Windows Intune launches: cloud brings enterprise management to the masses

Windows Intune launches tune up

Microsoft has made Windows Intune, its cloud-based management service bundled with Windows 7, commercially available as of March 23. Offered as a subscription, the release makes it easier for midsize IT leaders to function at enterprise levels by leveraging the cloud.

Intune is the successor to the never-released Microsoft project known as System Center Online Desktop Manager (SCODM). The service, which launched to a beta of 1,000 companies last April, is expected to cost $11 per seat, per month, including management service, as well as Windows 7 Enterprise upgrade rights. For $1 per user per month, customers get the Microsoft Desktop Optimization Pack of on-premises tools as part of the bundle.

Midsize feeling “out of tune”

The move comes as many IT professionals expect Intune to transform the way businesses manage their “distributed assets.” As a cloud-based management tool,  it brings enterprise functionality to the masses, including patching, antivirus, malware, remote control, and augmenting the management of mobile assets.
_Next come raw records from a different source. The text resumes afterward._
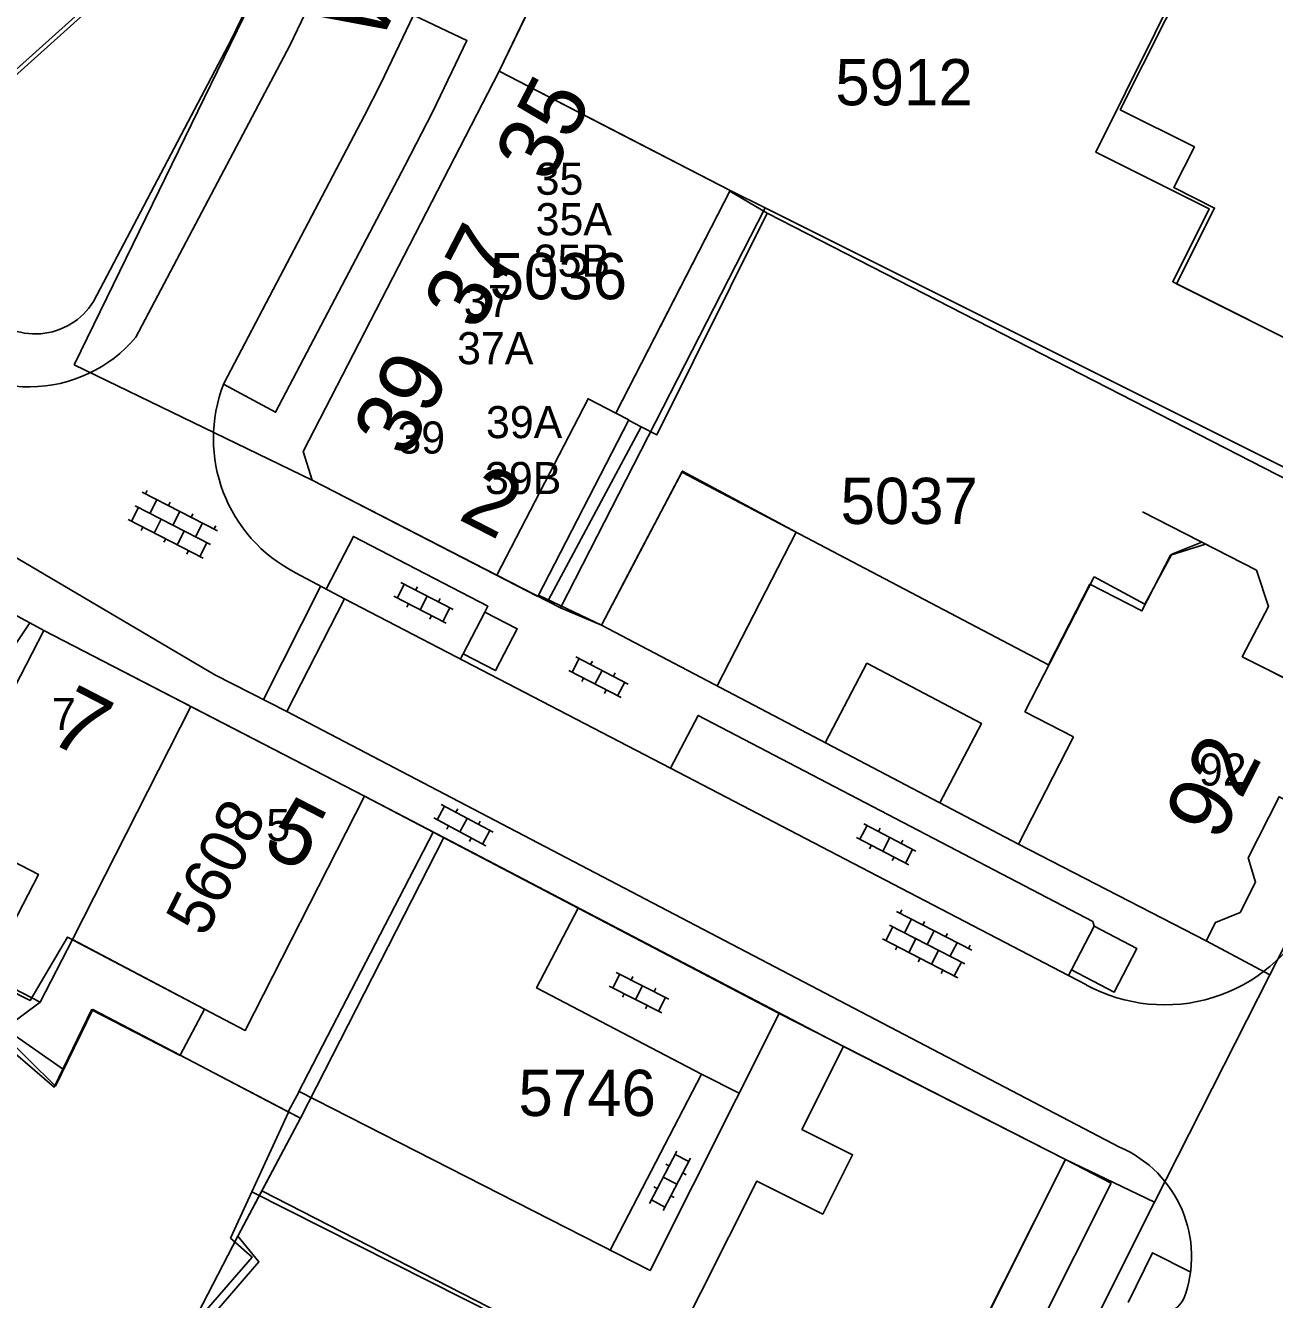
# Model space of a CAD drawing. Extents: x 148816 to 151297, y 399515 to 402500.
# Drawn here: x 150303.76 to 150352.43, y 399632.21 to 399681.86 of the extents above; entities that cross this region are included whole.
import ezdxf

# ---------------------------------------------------------------- set-up
doc = ezdxf.new("R2010")
doc.units = 0
for name, color, linetype in [('B01 Hoofdgebouw  [D] Norm', 7, 'Continuous'), ('B01 Hoofdgebouw  [T] Norm', 7, 'Continuous'), ('B01 hoofgebouw', 7, 'Continuous'), ('G01 perceelsgrens', 7, 'Continuous'), ('S02 Open verharding  Norm', 7, 'Continuous'), ('T04 Haag heg  [D] Gem', 7, 'Continuous'), ('V00 Kant verharding algemeen  [T] Norm', 7, 'Continuous'), ('V00 Kant verharding algemeen secundair  [T] Gem', 7, 'Continuous'), ('V06 Kant onverhard  [T] Gem', 7, 'Continuous'), ('Z01 perceelnummer', 7, 'Continuous'), ('Z02 huisnummer', 7, 'Continuous'), ('Z02 Huisnummer  [Tekst] Norm', 7, 'Continuous'), ('Z06 straatnaam', 7, 'Continuous')]:
    doc.layers.add(name, color=color, linetype=linetype)

msp = doc.modelspace()

# ---------------------------------------------------------------- linework, layer by layer
at = {"layer": 'B01 Hoofdgebouw  [D] Norm'}
for p, q in [((150348.426, 399661.257), (150349.596, 399661.723)), ((150348.426, 399661.257), (150347.374, 399659.308)), ((150345.405, 399660.371), (150342.701, 399655.106)), ((150347.374, 399659.308), (150345.405, 399660.371)), ((150342.701, 399655.106), (150344.598, 399654.132)), ((150344.598, 399654.132), (150342.45, 399649.95))]:
    msp.add_line(p, q, dxfattribs=at)
for points in [[(150348.929, 399683.883), (150345.466, 399676.921), (150349.884, 399674.705), (150348.464, 399671.87), (150354.41, 399668.89)], [(150330.708, 399656.121), (150333.787, 399662.112), (150329.355, 399664.489), (150328.53, 399662.92)], [(150302.18, 399653.84), (150299.474, 399648.595), (150303.054, 399646.736), (150302.061, 399644.805), (150303.94, 399643.863), (150305.399, 399646.336), (150310.74, 399643.53)], [(150297.63, 399636.71), (150302.515, 399642.517), (150304.876, 399640.481), (150306.327, 399643.505), (150309.785, 399641.72)], [(150293.39, 399601.01), (150294.828, 399602.658), (150289.212, 399607.425), (150293.181, 399611.997), (150294.349, 399611.08), (150306.738, 399625.101), (150306.941, 399624.999), (150307.323, 399625.837), (150306.384, 399626.702), (150312.591, 399633.865), (150311.754, 399634.603), (150314.014, 399639.517)], [(150312.581, 399636.401), (150330.444, 399627.392), (150330.496, 399627.466), (150334.72, 399625.32)]]:
    msp.add_lwpolyline(points, dxfattribs=at)
at = {"layer": 'B01 Hoofdgebouw  [T] Norm'}
for p, q in [((150314.58, 399665.26), (150322.22, 399680.07)), ((150322.22, 399680.07), (150331.225, 399675.426)), ((150331.225, 399675.426), (150326.76, 399666.75)), ((150327.266, 399666.489), (150326.76, 399666.75)), ((150327.266, 399666.489), (150323.722, 399659.61)), ((150314.93, 399664.14), (150314.58, 399665.26)), ((150314.93, 399664.14), (150323.722, 399659.61)), ((150328.53, 399662.92), (150326.2, 399658.49)), ((150349.596, 399661.723), (150351.73, 399660.629)), ((150352.2, 399659.22), (150351.73, 399660.63)), ((150351.17, 399657.26), (150352.2, 399659.22)), ((150304.47, 399658.28), (150302.18, 399653.84)), ((150316.97, 399651.82), (150304.47, 399658.28)), ((150326.2, 399658.49), (150342.45, 399649.95)), ((150353.65, 399656.01), (150351.17, 399657.26)), ((150312.32, 399642.7), (150316.97, 399651.82)), ((150351.4, 399649.42), (150352.61, 399651.8)), ((150342.45, 399649.95), (150349.77, 399646.19)), ((150351.69, 399648.47), (150351.4, 399649.42)), ((150351.09, 399647.29), (150351.69, 399648.47)), ((150350.13, 399646.9), (150351.09, 399647.29)), ((150349.77, 399646.19), (150350.13, 399646.9)), ((150309.79, 399641.73), (150310.74, 399643.53)), ((150310.74, 399643.53), (150312.32, 399642.7)), ((150333.13, 399643.35), (150328.1, 399633.34)), ((150344.29, 399637.67), (150333.13, 399643.35)), ((150313.99, 399639.53), (150309.79, 399641.73)), ((150314.42, 399640.32), (150313.99, 399639.53)), ((150328.1, 399633.34), (150314.42, 399640.32)), ((150339.52, 399628.18), (150344.29, 399637.67))]:
    msp.add_line(p, q, dxfattribs=at)
for points in [[(150300.2, 399677.28), (150282.27, 399697.22), (150290.31, 399704.45), (150292.47, 399702.05), (150294.16, 399703.56), (150298.854, 399698.331), (150296.981, 399696.646), (150301.07, 399692.098), (150302.91, 399693.752), (150307.77, 399688.4), (150306.1, 399686.89), (150308.24, 399684.5), (150300.2, 399677.28), (150282.27, 399697.22)], [(150334.921, 399653.907), (150336.548, 399657.004), (150341.011, 399654.658), (150339.384, 399651.561)]]:
    msp.add_lwpolyline(points, dxfattribs=at)
at = {"layer": 'B01 hoofgebouw'}
for points in [[(150297.5, 399699.84), (150294.16, 399703.56), (150292.47, 399702.05), (150290.31, 399704.45), (150282.27, 399697.22), (150300.2, 399677.28), (150308.24, 399684.5), (150306.1, 399686.89), (150307.77, 399688.4), (150304.41, 399692.1)], [(150354.41, 399668.89), (150348.617, 399671.793), (150350.095, 399674.742), (150348.509, 399675.537), (150349.306, 399677.126), (150346.419, 399678.573), (150349.06, 399683.841)], [(150314.93, 399664.14), (150314.58, 399665.26), (150322.22, 399680.07), (150326.66, 399677.78)], [(150326.66, 399677.78), (150331.225, 399675.426), (150329.05, 399671.2)], [(150329.05, 399671.2), (150326.76, 399666.75), (150325.68, 399667.31), (150322.13, 399660.43), (150314.93, 399664.14)], [(150349.741, 399661.649), (150348.377, 399661.218), (150347.261, 399659.045), (150345.237, 399660.085), (150343.623, 399656.943), (150329.334, 399664.453), (150328.53, 399662.92)], [(150328.53, 399662.92), (150327.532, 399661.022), (150326.2, 399658.49), (150342.45, 399649.95), (150349.77, 399646.19), (150350.13, 399646.9), (150351.09, 399647.29), (150351.69, 399648.47), (150351.4, 399649.42), (150352.61, 399651.8), (150353.01, 399651.59), (150354.28, 399654.07), (150354.9, 399654.31), (150354.29, 399656.21), (150353.65, 399656.01), (150351.17, 399657.26), (150352.2, 399659.22), (150351.73, 399660.63), (150347.28, 399662.91)], [(150344.29, 399637.67), (150333.13, 399643.35), (150328.1, 399633.34), (150314.42, 399640.32), (150313.99, 399639.53), (150309.79, 399641.73), (150310.74, 399643.53), (150312.32, 399642.7), (150316.97, 399651.82), (150304.47, 399658.28), (150302.18, 399653.84)], [(150302.18, 399653.84), (150300.556, 399650.692), (150304.261, 399648.777), (150302.246, 399644.878), (150304.333, 399643.799), (150305.591, 399646.235), (150310.74, 399643.53)], [(150297.63, 399636.71), (150302.788, 399642.637), (150304.925, 399640.529), (150306.386, 399643.513), (150309.79, 399641.73)], [(150335.641, 399642.072), (150334.017, 399638.841), (150335.988, 399637.85), (150334.826, 399635.538), (150332.26, 399636.828), (150328.989, 399630.321), (150331.47, 399629.074), (150330.631, 399627.406), (150334.72, 399625.32)], [(150313.99, 399639.53), (150314.47, 399639.278), (150312.034, 399634.685), (150312.853, 399633.676), (150306.653, 399626.501), (150307.311, 399625.722), (150294.665, 399611.07)], [(150334.72, 399625.32), (150338.672, 399623.304), (150339.15, 399623.06), (150341.3, 399627.27), (150339.52, 399628.18), (150344.29, 399637.67)]]:
    msp.add_lwpolyline(points, dxfattribs=at)
at = {"layer": 'G01 perceelsgrens'}
for points in [[(150322.22, 399680.07), (150327.928, 399691.949)], [(150316.32, 399690.523), (150315.791, 399691.152), (150313.562, 399689.243), (150307.044, 399683.224), (150298.085, 399675.163)], [(150316.32, 399690.523), (150305.651, 399668.634)], [(150314.93, 399664.14), (150314.58, 399665.26), (150322.22, 399680.07)], [(150332.587, 399674.744), (150331.225, 399675.426), (150322.22, 399680.07)], [(150332.587, 399674.744), (150324.61, 399659.165)], [(150360.408, 399660.833), (150332.587, 399674.744)], [(150305.651, 399668.634), (150314.93, 399664.14)], [(150324.61, 399659.165), (150322.13, 399660.43), (150314.93, 399664.14)], [(150303.926, 399658.573), (150296.43, 399662.612), (150295.687, 399661.972)], [(150360.408, 399660.833), (150352.251, 399644.862)], [(150352.251, 399644.862), (150349.77, 399646.19), (150342.45, 399649.95), (150326.2, 399658.49), (150324.61, 399659.165)], [(150303.926, 399658.573), (150296.916, 399648.116), (150292.59, 399641.88), (150290.607, 399639.054)], [(150310.201, 399655.318), (150304.47, 399658.28), (150303.926, 399658.573)], [(150310.201, 399655.318), (150305.591, 399646.235), (150304.333, 399643.799), (150302.96, 399642.767)], [(150320.056, 399650.209), (150316.97, 399651.82), (150310.201, 399655.318)], [(150320.056, 399650.209), (150314.47, 399639.278)], [(150347.751, 399636.003), (150344.29, 399637.67), (150335.641, 399642.072), (150320.056, 399650.209)], [(150352.251, 399644.862), (150347.751, 399636.003)], [(150314.47, 399639.278), (150306.386, 399643.513), (150305.243, 399641.179), (150302.96, 399642.767)], [(150314.47, 399639.278), (150312.971, 399636.45)], [(150312.971, 399636.45), (150312.034, 399634.685), (150309.701, 399630.161)], [(150312.971, 399636.45), (150326.503, 399629.512), (150330.808, 399627.315), (150329.911, 399625.673), (150337.86, 399621.69), (150340.027, 399620.593)], [(150340.027, 399620.593), (150347.751, 399636.003)]]:
    msp.add_lwpolyline(points, dxfattribs=at)
at = {"layer": 'S02 Open verharding  Norm'}
for p, q in [((150311.239, 399662.16), (150308.305, 399663.672)), ((150308.439, 399663.604), (150308.507, 399663.737)), ((150310.964, 399661.627), (150308.03, 399663.139)), ((150308.883, 399663.374), (150308.608, 399662.841)), ((150309.327, 399663.145), (150309.396, 399663.279)), ((150310.689, 399661.094), (150307.755, 399662.606)), ((150307.889, 399662.537), (150308.164, 399663.07)), ((150308.778, 399662.079), (150309.053, 399662.612)), ((150309.497, 399662.383), (150309.772, 399662.916)), ((150310.216, 399662.687), (150310.285, 399662.821)), ((150308.333, 399662.308), (150308.265, 399662.175)), ((150309.667, 399661.621), (150309.941, 399662.154)), ((150310.386, 399661.925), (150310.661, 399662.458)), ((150311.105, 399662.229), (150311.174, 399662.362)), ((150309.222, 399661.85), (150309.153, 399661.716)), ((150310.555, 399661.162), (150310.83, 399661.696)), ((150310.111, 399661.392), (150310.042, 399661.258)), ((150318.384, 399660.146), (150320.431, 399659.098)), ((150318.111, 399659.612), (150320.158, 399658.564)), ((150318.244, 399659.544), (150318.518, 399660.078)), ((150319.031, 399659.983), (150318.963, 399659.85)), ((150319.408, 399659.622), (150319.134, 399659.088)), ((150318.689, 399659.316), (150318.621, 399659.183)), ((150319.921, 399659.527), (150319.853, 399659.394)), ((150320.024, 399658.632), (150320.298, 399659.166)), ((150319.579, 399658.86), (150319.511, 399658.727)), ((150325.061, 399656.656), (150325.338, 399657.188)), ((150325.205, 399657.257), (150327.244, 399656.195)), ((150324.928, 399656.725), (150326.967, 399655.663)), ((150325.851, 399657.09), (150325.781, 399656.957)), ((150326.225, 399656.726), (150325.947, 399656.194)), ((150326.737, 399656.628), (150326.668, 399656.495)), ((150325.504, 399656.425), (150325.435, 399656.292)), ((150326.834, 399655.732), (150327.111, 399656.264)), ((150326.391, 399655.963), (150326.321, 399655.83)), ((150319.807, 399650.906), (150320.091, 399651.435)), ((150319.959, 399651.506), (150321.985, 399650.417)), ((150320.603, 399651.33), (150320.532, 399651.198)), ((150319.675, 399650.977), (150321.701, 399649.888)), ((150320.972, 399650.961), (150320.688, 399650.433)), ((150321.483, 399650.857), (150321.412, 399650.725)), ((150336.554, 399650.676), (150336.277, 399650.144)), ((150338.46, 399649.681), (150336.421, 399650.745)), ((150320.248, 399650.669), (150320.177, 399650.537)), ((150321.128, 399650.196), (150321.057, 399650.064)), ((150321.569, 399649.959), (150321.853, 399650.488)), ((150338.183, 399649.149), (150336.144, 399650.213)), ((150336.998, 399650.444), (150337.067, 399650.577)), ((150337.163, 399649.681), (150337.441, 399650.213)), ((150336.651, 399649.779), (150336.72, 399649.912)), ((150337.884, 399649.982), (150337.953, 399650.115)), ((150338.327, 399649.75), (150338.05, 399649.218)), ((150337.537, 399649.317), (150337.606, 399649.45)), ((150340.637, 399645.818), (150337.703, 399647.33)), ((150337.837, 399647.262), (150337.905, 399647.395)), ((150337.287, 399646.195), (150337.562, 399646.728)), ((150340.362, 399645.285), (150337.428, 399646.797)), ((150338.281, 399647.032), (150338.006, 399646.499)), ((150338.725, 399646.803), (150338.794, 399646.937)), ((150340.087, 399644.752), (150337.153, 399646.264)), ((150338.176, 399645.737), (150338.451, 399646.27)), ((150338.895, 399646.041), (150339.17, 399646.574)), ((150339.614, 399646.345), (150339.683, 399646.479)), ((150337.731, 399645.966), (150337.663, 399645.833)), ((150339.065, 399645.279), (150339.339, 399645.812)), ((150339.784, 399645.583), (150340.059, 399646.116)), ((150340.503, 399645.887), (150340.572, 399646.02)), ((150338.62, 399645.508), (150338.551, 399645.374)), ((150339.953, 399644.82), (150340.228, 399645.354)), ((150326.643, 399644.351), (150326.914, 399644.886)), ((150326.78, 399644.954), (150328.833, 399643.915)), ((150327.428, 399644.794), (150327.36, 399644.661)), ((150339.509, 399645.05), (150339.44, 399644.916)), ((150326.509, 399644.419), (150328.562, 399643.38)), ((150327.807, 399644.435), (150327.535, 399643.899)), ((150328.32, 399644.343), (150328.253, 399644.209)), ((150327.089, 399644.125), (150327.022, 399643.991)), ((150328.428, 399643.448), (150328.699, 399643.983)), ((150327.982, 399643.673), (150327.914, 399643.54)), ((150328.078, 399635.958), (150329.14, 399637.998)), ((150329.603, 399637.587), (150329.071, 399637.865)), ((150328.61, 399635.68), (150329.672, 399637.72)), ((150328.707, 399637.49), (150328.84, 399637.421)), ((150328.609, 399636.978), (150329.141, 399636.7)), ((150329.372, 399637.144), (150329.505, 399637.075)), ((150328.245, 399636.603), (150328.378, 399636.534)), ((150328.679, 399635.813), (150328.147, 399636.091)), ((150328.91, 399636.257), (150329.043, 399636.188))]:
    msp.add_line(p, q, dxfattribs=at)
at = {"layer": 'T04 Haag heg  [D] Gem'}
for p, q in [((150332.659, 399674.543), (150358.434, 399661.325)), ((150324.141, 399659.472), (150327.746, 399666.21)), ((150314.403, 399640.294), (150319.642, 399650.42))]:
    msp.add_line(p, q, dxfattribs=at)
for points in [[(150331.21, 399675.398), (150332.659, 399674.543)], [(150327.746, 399666.21), (150328.355, 399665.904), (150332.659, 399674.543)], [(150327.746, 399666.21), (150327.26, 399666.476)]]:
    msp.add_lwpolyline(points, dxfattribs=at)
at = {"layer": 'V00 Kant verharding algemeen  [T] Norm'}
for p, q in [((150328.76, 399693.68), (150322.22, 399680.07)), ((150323.747, 399659.659), (150326.2, 399658.49)), ((150333.13, 399643.35), (150316.97, 399651.82)), ((150346.06, 399636.74), (150344.29, 399637.67)), ((150341.3, 399627.27), (150346.06, 399636.74))]:
    msp.add_line(p, q, dxfattribs=at)
for points in [[(150311.485, 399667.9), (150316.974, 399678.353), (150317.606, 399679.598), (150318.319, 399681.089), (150346.039, 399739.165), (150350.575, 399744.179), (150363.602, 399771.718)], [(150328.523, 399711.267), (150314.054, 399681.082), (150308.064, 399669.709)], [(150306.411, 399671.098), (150311.786, 399681.318), (150316.616, 399691.322), (150316.09, 399691.6)], [(150346.387, 399638.151), (150313.947, 399655.125), (150311.135, 399656.556), (150297.321, 399664.702)], [(150314.285, 399660.53), (150316.191, 399659.514), (150328.896, 399652.913), (150344.398, 399644.842), (150345.109, 399644.467)], [(150321.664, 399659), (150320.816, 399657.37), (150322.073, 399656.717), (150322.92, 399658.346), (150321.664, 399659)], [(150325.29, 399647.459), (150323.674, 399644.354), (150330.099, 399640.987)], [(150345.402, 399646.758), (150344.515, 399645.064), (150346.183, 399644.191), (150347.07, 399645.885), (150345.402, 399646.758)], [(150326.537, 399634.138), (150330.099, 399640.987)], [(150346.733, 399632.097), (150347.68, 399634.036), (150349.15, 399633.294)]]:
    msp.add_lwpolyline(points, dxfattribs=at)
for centre, radius, start, end in [((150304.142, 399672.51), 2.672, 220.8815, 328.1039), ((150303.902, 399673.212), 5.44, 220.918, 319.9132), ((150316.959, 399665.763), 5.876, 158.6725, 242.9329), ((150348.153, 399650.068), 6.375, 241.4797, 332.8274), ((150344.566, 399633.893), 4.631, 339.1551, 66.8457), ((150348.039, 399632.633), 0.939, 240.2353, 335.5905)]:
    msp.add_arc(centre, radius, start, end, dxfattribs=at)
at = {"layer": 'V00 Kant verharding algemeen secundair  [T] Gem'}
for points in [[(150311.477, 399667.885), (150313.505, 399666.782), (150318.536, 399676.384), (150319.627, 399678.5), (150320.961, 399681.268), (150318.878, 399682.26)], [(150315.258, 399659.996), (150313.029, 399655.591)], [(150316.191, 399659.514), (150313.947, 399655.125)]]:
    msp.add_lwpolyline(points, dxfattribs=at)
at = {"layer": 'V06 Kant onverhard  [T] Gem'}
for points in [[(150315.481, 399659.893), (150316.539, 399661.944), (150321.781, 399659.222), (150321.662, 399658.999)], [(150320.716, 399657.178), (150320.816, 399657.37)], [(150328.896, 399652.913), (150329.974, 399654.973), (150345.357, 399646.939), (150345.399, 399646.757)], [(150344.398, 399644.842), (150344.515, 399645.064)], [(150331.571, 399640.247), (150330.099, 399640.987)]]:
    msp.add_lwpolyline(points, dxfattribs=at)

# ---------------------------------------------------------------- texts
at = {"layer": 'Z01 perceelnummer'}
for s, p in [('5912', (150335.317, 399678.745)), ('5036', (150321.846, 399671.187)), ('5037', (150335.519, 399662.431)), ('5746', (150322.969, 399639.362))]:
    msp.add_text(s, height=1.8, dxfattribs=at).set_placement(p)
msp.add_text('5608', height=1.8, rotation=63.1774, dxfattribs=at).set_placement((150310.763, 399646.284))
at = {"layer": 'Z02 huisnummer'}
for s, rotation, p in [('35', 62.7431, (150324.162, 399675.656)), ('37', 62.7431, (150321.381, 399669.885)), ('39', 62.7431, (150318.633, 399664.938)), ('2', 332.7431, (150320.568, 399662.64)), ('7', 332.6659, (150304.554, 399654.013)), ('92', 63.0764, (150350.286, 399649.989)), ('5', 332.6659, (150312.912, 399649.693))]:
    msp.add_text(s, height=2.5, rotation=rotation, dxfattribs=at).set_placement(p)
at = {"layer": 'Z02 Huisnummer  [Tekst] Norm'}
for s, p in [('35', (150323.639, 399675.26)), ('35A', (150323.639, 399673.683)), ('35B', (150323.564, 399672.068)), ('37', (150320.84, 399670.496)), ('37A', (150320.577, 399668.656)), ('39A', (150321.703, 399665.775)), ('39', (150318.25, 399665.175)), ('39B', (150321.665, 399663.597)), ('7', (150304.79, 399654.4)), ('92', (150349.481, 399652.238)), ('5', (150313.145, 399650.08))]:
    msp.add_text(s, height=1.25, dxfattribs=at).set_placement(p)
at = {"layer": 'Z06 straatnaam'}
msp.add_text('WILHELMINASTRAAT', height=2.5, rotation=64.2289, dxfattribs=at).set_placement((150317.541, 399681.079))

doc.saveas('drawing.dxf')

A common issue these days, especially with midsize organizations, is that IT leaders have limited control or resources for their assets. With other business-driven priorities and limited resources to select, deploy, and maintain systems, coupled with ever increasing security threats and environmental changes, many organizations are feeling, excuse me, “out of tune”.

The Windows 7 Enterprise upgrade provided with the subscription gives organizations a standardized environment, which has tangible benefits beyond security and management, and provides users with the best possible Windows experience. Intune then delivers cloud-based management and security capabilities that are administered through a simple web-based console, which enables management of PCs from virtually anywhere.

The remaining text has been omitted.